Moving Points of View between the two who are looking for love, makes this even more interesting because, at first, each would have their own opinions and background which are important to them, while at the same time, not knowing how the other might react!
Sterling was a man who spent time and money to ensure that his dates were impressed by his interest in the arts of all kinds, choosing jazz for an evening meal or a book reading--anything that would allow him to carry on a conversation to keep his date interested in him... His early life had been unhappy, never being able to satisfy, or even know, what his father expected of him. Now he carried the words he'd said each night as he went to bed: "I'll Show Them!" And even though he was now successful and met many interesting women, he was never quite sure how to ensure a longer relationship--one that would lead to their being interest enough to go on to a deeper level of the relationship.
That is, until he met Yvonne... By the fifth date, he found that they had spent time dancing, dancing, without no concern whether they were talking about this or that.

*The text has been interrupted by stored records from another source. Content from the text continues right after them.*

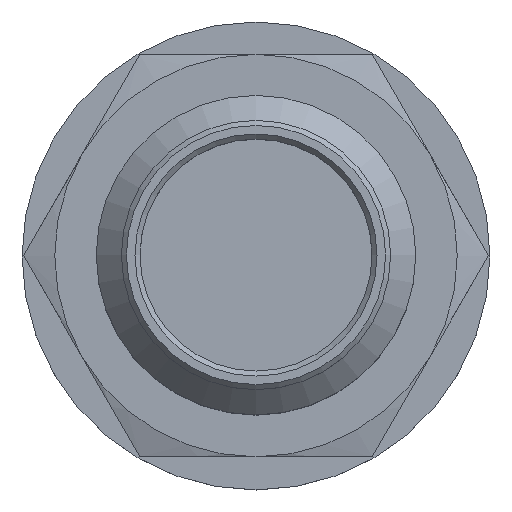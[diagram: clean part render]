
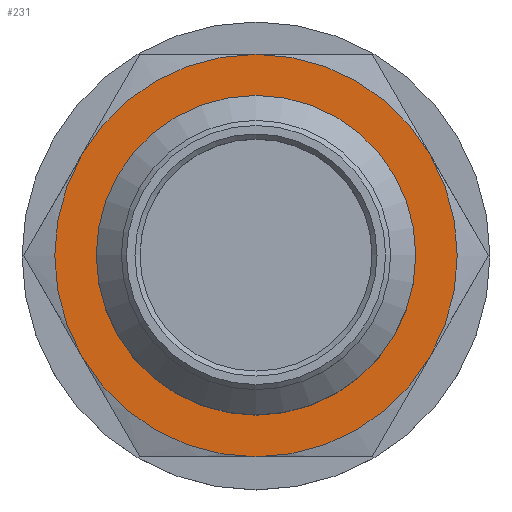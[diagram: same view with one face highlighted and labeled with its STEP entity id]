
A CAD part, top view. The second image highlights one B-rep face of the part: STEP entity #231.
In plain terms, the highlighted planar face has unit normal (0, 0, 1) as drawn and (1, 0, 0) by its records, which use the part's own axes.
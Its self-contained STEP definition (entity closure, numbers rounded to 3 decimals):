
#231=ADVANCED_FACE('',(#375,#376),#290,.F.);
#290=PLANE('',#1074);
#321=CIRCLE('',#1065,4.);
#322=CIRCLE('',#1067,4.);
#323=CIRCLE('',#1069,2.675);
#324=CIRCLE('',#1070,4.);
#325=CIRCLE('',#1071,4.);
#326=CIRCLE('',#1072,4.);
#327=CIRCLE('',#1073,4.);
#375=FACE_BOUND('',#438,.T.);
#376=FACE_BOUND('',#439,.T.);
#438=EDGE_LOOP('',(#555));
#439=EDGE_LOOP('',(#556,#557,#558,#559,#560,#561));
#555=ORIENTED_EDGE('',*,*,#882,.F.);
#556=ORIENTED_EDGE('',*,*,#881,.T.);
#557=ORIENTED_EDGE('',*,*,#878,.T.);
#558=ORIENTED_EDGE('',*,*,#883,.T.);
#559=ORIENTED_EDGE('',*,*,#884,.T.);
#560=ORIENTED_EDGE('',*,*,#885,.T.);
#561=ORIENTED_EDGE('',*,*,#886,.T.);
#778=VERTEX_POINT('',#1481);
#781=VERTEX_POINT('',#1494);
#787=VERTEX_POINT('',#1515);
#788=VERTEX_POINT('',#1528);
#789=VERTEX_POINT('',#1530);
#790=VERTEX_POINT('',#1532);
#791=VERTEX_POINT('',#1534);
#878=EDGE_CURVE('',#787,#781,#321,.T.);
#881=EDGE_CURVE('',#778,#787,#322,.T.);
#882=EDGE_CURVE('',#788,#788,#323,.T.);
#883=EDGE_CURVE('',#781,#789,#324,.T.);
#884=EDGE_CURVE('',#789,#790,#325,.T.);
#885=EDGE_CURVE('',#790,#791,#326,.T.);
#886=EDGE_CURVE('',#791,#778,#327,.T.);
#1065=AXIS2_PLACEMENT_3D('',#1514,#1218,#1219);
#1067=AXIS2_PLACEMENT_3D('',#1525,#1222,#1223);
#1069=AXIS2_PLACEMENT_3D('',#1527,#1226,#1227);
#1070=AXIS2_PLACEMENT_3D('',#1529,#1228,#1229);
#1071=AXIS2_PLACEMENT_3D('',#1531,#1230,#1231);
#1072=AXIS2_PLACEMENT_3D('',#1533,#1232,#1233);
#1073=AXIS2_PLACEMENT_3D('',#1535,#1234,#1235);
#1074=AXIS2_PLACEMENT_3D('',#1536,#1236,#1237);
#1218=DIRECTION('',(1.,0.,0.));
#1219=DIRECTION('',(0.,0.,-1.));
#1222=DIRECTION('',(1.,0.,0.));
#1223=DIRECTION('',(0.,0.,-1.));
#1226=DIRECTION('',(1.,0.,0.));
#1227=DIRECTION('',(0.,0.,-1.));
#1228=DIRECTION('',(1.,0.,0.));
#1229=DIRECTION('',(0.,0.,-1.));
#1230=DIRECTION('',(1.,0.,0.));
#1231=DIRECTION('',(0.,0.,-1.));
#1232=DIRECTION('',(1.,0.,0.));
#1233=DIRECTION('',(0.,0.,-1.));
#1234=DIRECTION('',(1.,0.,0.));
#1235=DIRECTION('',(0.,0.,-1.));
#1236=DIRECTION('',(-1.,0.,0.));
#1237=DIRECTION('',(0.,0.,1.));
#1481=CARTESIAN_POINT('',(1372.909,771.856,-3.464));
#1494=CARTESIAN_POINT('',(1372.909,771.856,3.464));
#1514=CARTESIAN_POINT('',(1372.909,769.856,0.));
#1515=CARTESIAN_POINT('',(1372.909,773.856,0.));
#1525=CARTESIAN_POINT('',(1372.909,769.856,0.));
#1527=CARTESIAN_POINT('',(1372.909,769.856,0.));
#1528=CARTESIAN_POINT('',(1372.909,769.856,-2.675));
#1529=CARTESIAN_POINT('',(1372.909,769.856,0.));
#1530=CARTESIAN_POINT('',(1372.909,767.856,3.464));
#1531=CARTESIAN_POINT('',(1372.909,769.856,0.));
#1532=CARTESIAN_POINT('',(1372.909,765.856,0.));
#1533=CARTESIAN_POINT('',(1372.909,769.856,0.));
#1534=CARTESIAN_POINT('',(1372.909,767.856,-3.464));
#1535=CARTESIAN_POINT('',(1372.909,769.856,0.));
#1536=CARTESIAN_POINT('',(1372.909,773.856,0.));
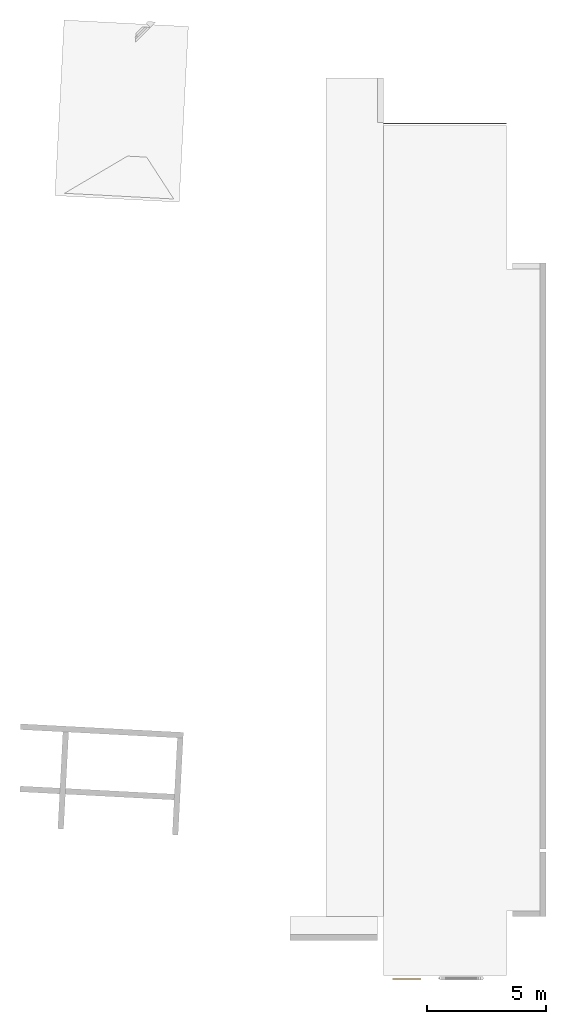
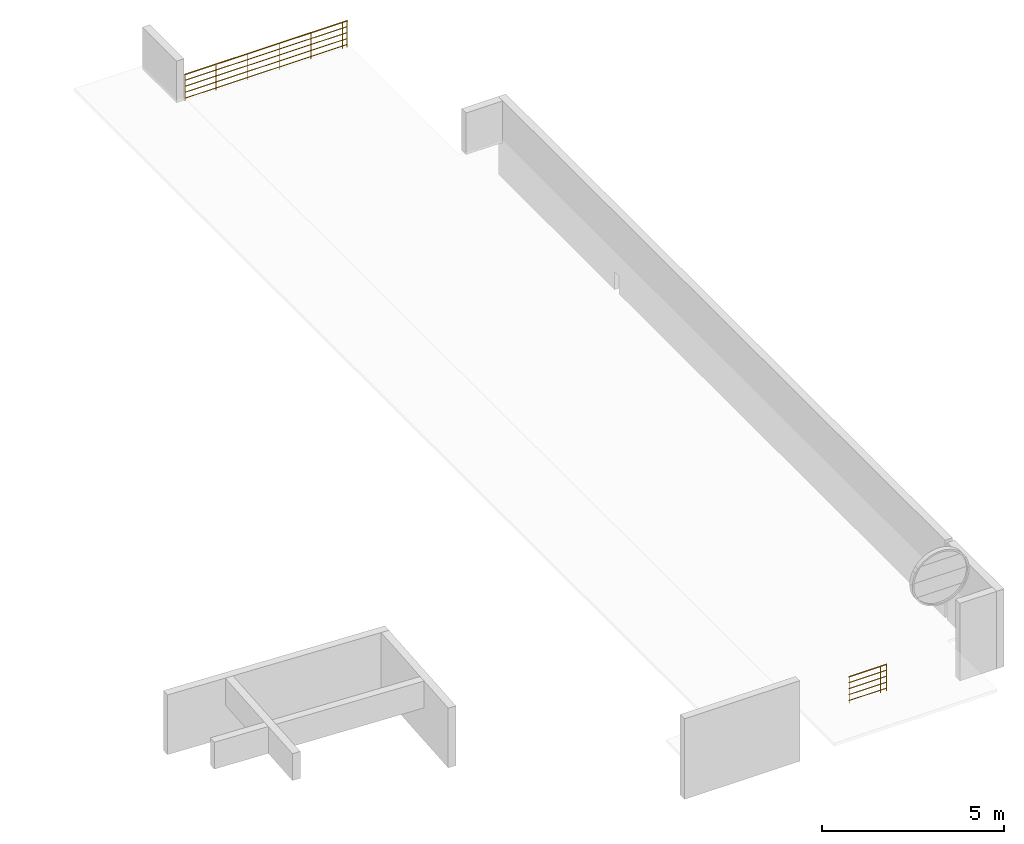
# One storey, part 4 of 4: 2 railings.
"""IFC2X3 building model written with IfcOpenShell, lengths in millimetres."""

from ifc_helpers import new_model, entity, si_unit, converted_unit, derived_unit, direction, frame, origin, origin_2d_with_axis, place, context, subcontext, project, spatial, circle, extrude, material, element, save


model = new_model("IFC2X3")

# Units and contexts
model_context = context("Model", 3, precision=0.01, world=origin(), true_north=direction((6.12303176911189e-17, 1.0)))
body_context = subcontext(model_context, "Body", "Model", "MODEL_VIEW")
ifc_project = project(units=[si_unit("LENGTHUNIT", "METRE", prefix="MILLI"), si_unit("AREAUNIT", "SQUARE_METRE"), si_unit("VOLUMEUNIT", "CUBIC_METRE"), converted_unit("PLANEANGLEUNIT", "DEGREE", entity("IfcRatioMeasure", 0.0174532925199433), si_unit("PLANEANGLEUNIT", "RADIAN"), dimensions=[0, 0, 0, 0, 0, 0, 0]), si_unit("MASSUNIT", "GRAM", prefix="KILO"), derived_unit("MASSDENSITYUNIT", [(si_unit("MASSUNIT", "GRAM", prefix="KILO"), 1), (si_unit("LENGTHUNIT", "METRE"), -3)]), si_unit("TIMEUNIT", "SECOND"), si_unit("FREQUENCYUNIT", "HERTZ"), si_unit("THERMODYNAMICTEMPERATUREUNIT", "DEGREE_CELSIUS"), derived_unit("THERMALTRANSMITTANCEUNIT", [(si_unit("MASSUNIT", "GRAM", prefix="KILO"), 1), (si_unit("THERMODYNAMICTEMPERATUREUNIT", "KELVIN"), -1), (si_unit("TIMEUNIT", "SECOND"), -3)]), derived_unit("VOLUMETRICFLOWRATEUNIT", [(si_unit("LENGTHUNIT", "METRE"), 3), (si_unit("TIMEUNIT", "SECOND"), -1)]), si_unit("ELECTRICCURRENTUNIT", "AMPERE"), si_unit("ELECTRICVOLTAGEUNIT", "VOLT"), si_unit("POWERUNIT", "WATT"), si_unit("FORCEUNIT", "NEWTON", prefix="KILO"), si_unit("ILLUMINANCEUNIT", "LUX"), si_unit("LUMINOUSFLUXUNIT", "LUMEN"), si_unit("LUMINOUSINTENSITYUNIT", "CANDELA"), derived_unit("USERDEFINED", [(si_unit("MASSUNIT", "GRAM", prefix="KILO"), -1), (si_unit("LENGTHUNIT", "METRE"), -2), (si_unit("TIMEUNIT", "SECOND"), 3), (si_unit("LUMINOUSFLUXUNIT", "LUMEN"), 1)]), derived_unit("LINEARVELOCITYUNIT", [(si_unit("LENGTHUNIT", "METRE"), 1), (si_unit("TIMEUNIT", "SECOND"), -1)]), si_unit("PRESSUREUNIT", "PASCAL"), derived_unit("USERDEFINED", [(si_unit("LENGTHUNIT", "METRE"), -2), (si_unit("MASSUNIT", "GRAM", prefix="KILO"), 1), (si_unit("TIMEUNIT", "SECOND"), -2)])], contexts=[model_context])

# Site, building, storey
site_placement = place(None, origin())
site = spatial("IfcSite", under=ifc_project, at=site_placement, Name="表面", CompositionType="ELEMENT")
building_placement = place(site_placement, origin())
building = spatial("IfcBuilding", under=site, at=building_placement, CompositionType="ELEMENT")
storey_placement = place(building_placement, frame((0.0, 0.0, 9000.0)))
storey = spatial("IfcBuildingStorey", under=building, at=storey_placement, Name="4F", CompositionType="ELEMENT", Elevation=9000.00000000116)

# Railings
ifc_material = material(Name="不锈钢")
railing_1_placement = place(storey_placement, origin())
element("IfcRailing", 1, at=railing_1_placement, inside=storey, material=ifc_material, Name="栏杆扶手:900mm 圆管", ObjectType="栏杆扶手:900mm 圆管", PredefinedType="NOTDEFINED", context=body_context, shape_type="SweptSolid", body=[
    extrude(circle(Radius=12.5, at=origin_2d_with_axis()), frame((-10530.2499126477, -32141.868426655, 2600.0), z_axis=(0.0, 0.0, 1.0), x_axis=(0.0, 1.0, 0.0)), (0.0, 0.0, 1.0), 859.999999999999),
    extrude(circle(Radius=12.5, at=origin_2d_with_axis()), frame((-10342.7499126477, -32141.868426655, 2600.0), z_axis=(0.0, 0.0, 1.0), x_axis=(0.0, 1.0, 0.0)), (0.0, 0.0, 1.0), 859.999999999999),
    extrude(circle(Radius=12.5, at=origin_2d_with_axis()), frame((-11517.7499126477, -32141.868426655, 2600.0), z_axis=(0.0, 0.0, 1.0), x_axis=(0.0, 1.0, 0.0)), (0.0, 0.0, 1.0), 859.999999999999),
    extrude(circle(Radius=20.0, at=origin_2d_with_axis()), frame((-11530.2499126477, -32141.868426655, 3480.0), z_axis=(1.0, 0.0, 0.0), x_axis=(0.0, -1.0, 0.0)), (0.0, 0.0, 1.0), 1199.99999999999),
    extrude(circle(Radius=15.0, at=origin_2d_with_axis()), frame((-11530.2499126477, -32141.868426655, 3285.0), z_axis=(1.0, 0.0, 0.0), x_axis=(0.0, -1.0, 0.0)), (0.0, 0.0, 1.0), 1199.99999999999),
    extrude(circle(Radius=15.0, at=origin_2d_with_axis()), frame((-11530.2499126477, -32141.868426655, 3085.0), z_axis=(1.0, 0.0, 0.0), x_axis=(0.0, -1.0, 0.0)), (0.0, 0.0, 1.0), 1199.99999999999),
    extrude(circle(Radius=15.0, at=origin_2d_with_axis()), frame((-11530.2499126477, -32141.868426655, 2885.0), z_axis=(1.0, 0.0, 0.0), x_axis=(0.0, -1.0, 0.0)), (0.0, 0.0, 1.0), 1199.99999999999),
    extrude(circle(Radius=15.0, at=origin_2d_with_axis()), frame((-11530.2499126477, -32141.868426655, 2685.0), z_axis=(1.0, 0.0, 0.0), x_axis=(0.0, -1.0, 0.0)), (0.0, 0.0, 1.0), 1199.99999999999),
])
railing_2_placement = place(storey_placement, origin())
element("IfcRailing", 2, at=railing_2_placement, inside=storey, material=ifc_material, Name="栏杆扶手:900mm 圆管", ObjectType="栏杆扶手:900mm 圆管", PredefinedType="NOTDEFINED", context=body_context, shape_type="SweptSolid", body=[
    extrude(circle(Radius=12.5, at=origin_2d_with_axis()), frame((-6910.24991264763, 3658.131573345, 1200.0), z_axis=(0.0, 0.0, 1.0), x_axis=(0.0, 1.0, 0.0)), (0.0, 0.0, 1.0), 859.999999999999),
    extrude(circle(Radius=12.5, at=origin_2d_with_axis()), frame((-7910.24991264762, 3658.131573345, 1200.0), z_axis=(0.0, 0.0, 1.0), x_axis=(0.0, 1.0, 0.0)), (0.0, 0.0, 1.0), 859.999999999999),
    extrude(circle(Radius=12.5, at=origin_2d_with_axis()), frame((-8910.24991264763, 3658.131573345, 1200.0), z_axis=(0.0, 0.0, 1.0), x_axis=(0.0, 1.0, 0.0)), (0.0, 0.0, 1.0), 859.999999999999),
    extrude(circle(Radius=12.5, at=origin_2d_with_axis()), frame((-9910.24991264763, 3658.13157334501, 1200.0), z_axis=(0.0, 0.0, 1.0), x_axis=(0.0, 1.0, 0.0)), (0.0, 0.0, 1.0), 859.999999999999),
    extrude(circle(Radius=12.5, at=origin_2d_with_axis()), frame((-10910.2499126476, 3658.13157334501, 1200.0), z_axis=(0.0, 0.0, 1.0), x_axis=(0.0, 1.0, 0.0)), (0.0, 0.0, 1.0), 859.999999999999),
    extrude(circle(Radius=12.5, at=origin_2d_with_axis()), frame((-6762.74991264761, 3658.131573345, 1200.0), z_axis=(0.0, 0.0, 1.0), x_axis=(0.0, 1.0, 0.0)), (0.0, 0.0, 1.0), 859.999999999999),
    extrude(circle(Radius=12.5, at=origin_2d_with_axis()), frame((-11897.7499126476, 3658.13157334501, 1200.0), z_axis=(0.0, 0.0, 1.0), x_axis=(0.0, 1.0, 0.0)), (0.0, 0.0, 1.0), 859.999999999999),
    extrude(circle(Radius=20.0, at=origin_2d_with_axis()), frame((-11910.2499126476, 3658.13157334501, 2080.0), z_axis=(1.0, 0.0, 0.0), x_axis=(0.0, -1.0, 0.0)), (0.0, 0.0, 1.0), 5160.00000000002),
    extrude(circle(Radius=15.0, at=origin_2d_with_axis()), frame((-11910.2499126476, 3658.13157334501, 1885.0), z_axis=(1.0, 0.0, 0.0), x_axis=(0.0, -1.0, 0.0)), (0.0, 0.0, 1.0), 5160.00000000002),
    extrude(circle(Radius=15.0, at=origin_2d_with_axis()), frame((-11910.2499126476, 3658.13157334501, 1685.0), z_axis=(1.0, 0.0, 0.0), x_axis=(0.0, -1.0, 0.0)), (0.0, 0.0, 1.0), 5160.00000000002),
    extrude(circle(Radius=15.0, at=origin_2d_with_axis()), frame((-11910.2499126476, 3658.13157334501, 1485.0), z_axis=(1.0, 0.0, 0.0), x_axis=(0.0, -1.0, 0.0)), (0.0, 0.0, 1.0), 5160.00000000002),
    extrude(circle(Radius=15.0, at=origin_2d_with_axis()), frame((-11910.2499126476, 3658.13157334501, 1285.0), z_axis=(1.0, 0.0, 0.0), x_axis=(0.0, -1.0, 0.0)), (0.0, 0.0, 1.0), 5160.00000000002),
])

save(model, "model.ifc")

It was enough just to be in each other's arms, gazing at each other... There was talk on earlier dates, about books or music, but when Yvonne would ask personal questions about his family, he tended to evade the question by moving on to another topic quickly. And then, one evening he had brought a folder, containing part of a novel he was writing and presented it to her. But her response was not what he had expected. She thought he had wined and dined her, hoping to have her review his book and help to get it published. He stumbled into an apology that it was in response to her always asking about his personal plans and that it was his way of sharing something important to him with her...
So she did read it and talked to him via video to give him her best feedback... She had to be truthful, yet helpful, complimentary yet point out problems she saw... But, in Sterling's mind, he was already whispering, "I'll Show Her..."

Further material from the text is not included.